#### DATASET CONTENT:
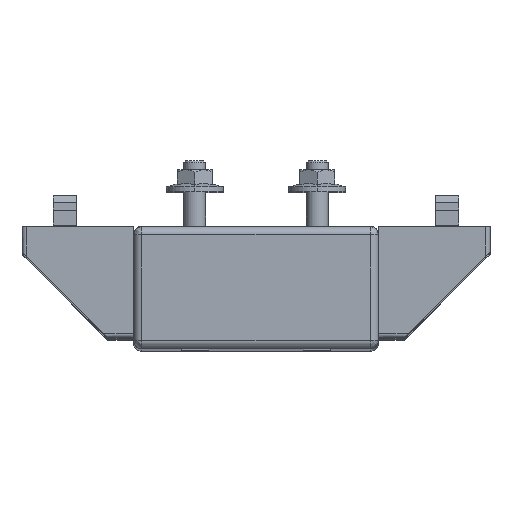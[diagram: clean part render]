
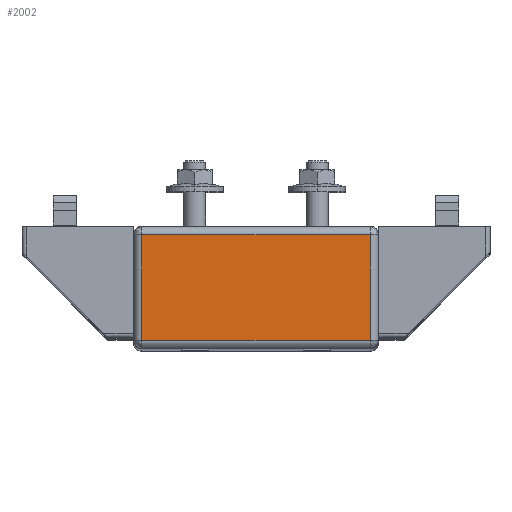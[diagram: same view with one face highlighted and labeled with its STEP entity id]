
A CAD part, top view. The second image highlights one B-rep face of the part: STEP entity #2002.
In plain terms, the highlighted planar face has unit normal (0, 0, 1).
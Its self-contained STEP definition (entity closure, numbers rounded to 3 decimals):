
#178 = VERTEX_POINT ( 'NONE', #1790 ) ;
#1790 = CARTESIAN_POINT ( 'NONE',  ( 41.923, -3.077, 247.5 ) ) ;
#1827 = VERTEX_POINT ( 'NONE', #9623 ) ;
#2002 = ADVANCED_FACE ( 'NONE', ( #6691 ), #13936, .F. ) ;
#3750 = DIRECTION ( 'NONE',  ( 1., 0., 0. ) ) ;
#3987 = ORIENTED_EDGE ( 'NONE', *, *, #14866, .F. ) ;
#4028 = VERTEX_POINT ( 'NONE', #9210 ) ;
#4361 = DIRECTION ( 'NONE',  ( 0., 1., 0. ) ) ;
#4476 = LINE ( 'NONE', #13691, #20387 ) ;
#4895 = ORIENTED_EDGE ( 'NONE', *, *, #6762, .F. ) ;
#5484 = CARTESIAN_POINT ( 'NONE',  ( 0., -3.077, 247.5 ) ) ;
#6691 = FACE_OUTER_BOUND ( 'NONE', #19861, .T. ) ;
#6762 = EDGE_CURVE ( 'NONE', #1827, #16453, #4476, .T. ) ;
#7394 = DIRECTION ( 'NONE',  ( 0., 1., 0. ) ) ;
#8502 = LINE ( 'NONE', #21523, #14220 ) ;
#8569 = DIRECTION ( 'NONE',  ( -1., 0., 0. ) ) ;
#8928 = VECTOR ( 'NONE', #3750, 1000. ) ;
#9210 = CARTESIAN_POINT ( 'NONE',  ( 41.923, -41.923, 247.5 ) ) ;
#9623 = CARTESIAN_POINT ( 'NONE',  ( -41.923, -41.923, 247.5 ) ) ;
#9746 = VECTOR ( 'NONE', #8569, 1000. ) ;
#10656 = ORIENTED_EDGE ( 'NONE', *, *, #19017, .F. ) ;
#11014 = LINE ( 'NONE', #5484, #8928 ) ;
#11049 = EDGE_CURVE ( 'NONE', #4028, #1827, #21957, .T. ) ;
#13691 = CARTESIAN_POINT ( 'NONE',  ( -41.923, -22.5, 247.5 ) ) ;
#13790 = CARTESIAN_POINT ( 'NONE',  ( -41.923, -3.077, 247.5 ) ) ;
#13936 = PLANE ( 'NONE',  #20215 ) ;
#14220 = VECTOR ( 'NONE', #21405, 1000. ) ;
#14866 = EDGE_CURVE ( 'NONE', #178, #4028, #8502, .T. ) ;
#16453 = VERTEX_POINT ( 'NONE', #13790 ) ;
#19017 = EDGE_CURVE ( 'NONE', #16453, #178, #11014, .T. ) ;
#19634 = CARTESIAN_POINT ( 'NONE',  ( 0., -41.923, 247.5 ) ) ;
#19839 = CARTESIAN_POINT ( 'NONE',  ( 0., -22.5, 247.5 ) ) ;
#19861 = EDGE_LOOP ( 'NONE', ( #3987, #10656, #4895, #22462 ) ) ;
#20215 = AXIS2_PLACEMENT_3D ( 'NONE', #19839, #21438, #7394 ) ;
#20387 = VECTOR ( 'NONE', #4361, 1000. ) ;
#21405 = DIRECTION ( 'NONE',  ( 0., -1., 0. ) ) ;
#21438 = DIRECTION ( 'NONE',  ( 0., 0., -1. ) ) ;
#21523 = CARTESIAN_POINT ( 'NONE',  ( 41.923, -22.5, 247.5 ) ) ;
#21957 = LINE ( 'NONE', #19634, #9746 ) ;
#22462 = ORIENTED_EDGE ( 'NONE', *, *, #11049, .F. ) ;

#### WORK REQUEST:
Nothing but the lines from the one with "#7394 = DIRECTION" through the end of the data above should be reproduced, each exactly, both ends included.

#### EXERCISE RESULT:
#7394 = DIRECTION ( 'NONE',  ( 0., 1., 0. ) ) ;
#8502 = LINE ( 'NONE', #21523, #14220 ) ;
#8569 = DIRECTION ( 'NONE',  ( -1., 0., 0. ) ) ;
#8928 = VECTOR ( 'NONE', #3750, 1000. ) ;
#9210 = CARTESIAN_POINT ( 'NONE',  ( 41.923, -41.923, 247.5 ) ) ;
#9623 = CARTESIAN_POINT ( 'NONE',  ( -41.923, -41.923, 247.5 ) ) ;
#9746 = VECTOR ( 'NONE', #8569, 1000. ) ;
#10656 = ORIENTED_EDGE ( 'NONE', *, *, #19017, .F. ) ;
#11014 = LINE ( 'NONE', #5484, #8928 ) ;
#11049 = EDGE_CURVE ( 'NONE', #4028, #1827, #21957, .T. ) ;
#13691 = CARTESIAN_POINT ( 'NONE',  ( -41.923, -22.5, 247.5 ) ) ;
#13790 = CARTESIAN_POINT ( 'NONE',  ( -41.923, -3.077, 247.5 ) ) ;
#13936 = PLANE ( 'NONE',  #20215 ) ;
#14220 = VECTOR ( 'NONE', #21405, 1000. ) ;
#14866 = EDGE_CURVE ( 'NONE', #178, #4028, #8502, .T. ) ;
#16453 = VERTEX_POINT ( 'NONE', #13790 ) ;
#19017 = EDGE_CURVE ( 'NONE', #16453, #178, #11014, .T. ) ;
#19634 = CARTESIAN_POINT ( 'NONE',  ( 0., -41.923, 247.5 ) ) ;
#19839 = CARTESIAN_POINT ( 'NONE',  ( 0., -22.5, 247.5 ) ) ;
#19861 = EDGE_LOOP ( 'NONE', ( #3987, #10656, #4895, #22462 ) ) ;
#20215 = AXIS2_PLACEMENT_3D ( 'NONE', #19839, #21438, #7394 ) ;
#20387 = VECTOR ( 'NONE', #4361, 1000. ) ;
#21405 = DIRECTION ( 'NONE',  ( 0., -1., 0. ) ) ;
#21438 = DIRECTION ( 'NONE',  ( 0., 0., -1. ) ) ;
#21523 = CARTESIAN_POINT ( 'NONE',  ( 41.923, -22.5, 247.5 ) ) ;
#21957 = LINE ( 'NONE', #19634, #9746 ) ;
#22462 = ORIENTED_EDGE ( 'NONE', *, *, #11049, .F. ) ;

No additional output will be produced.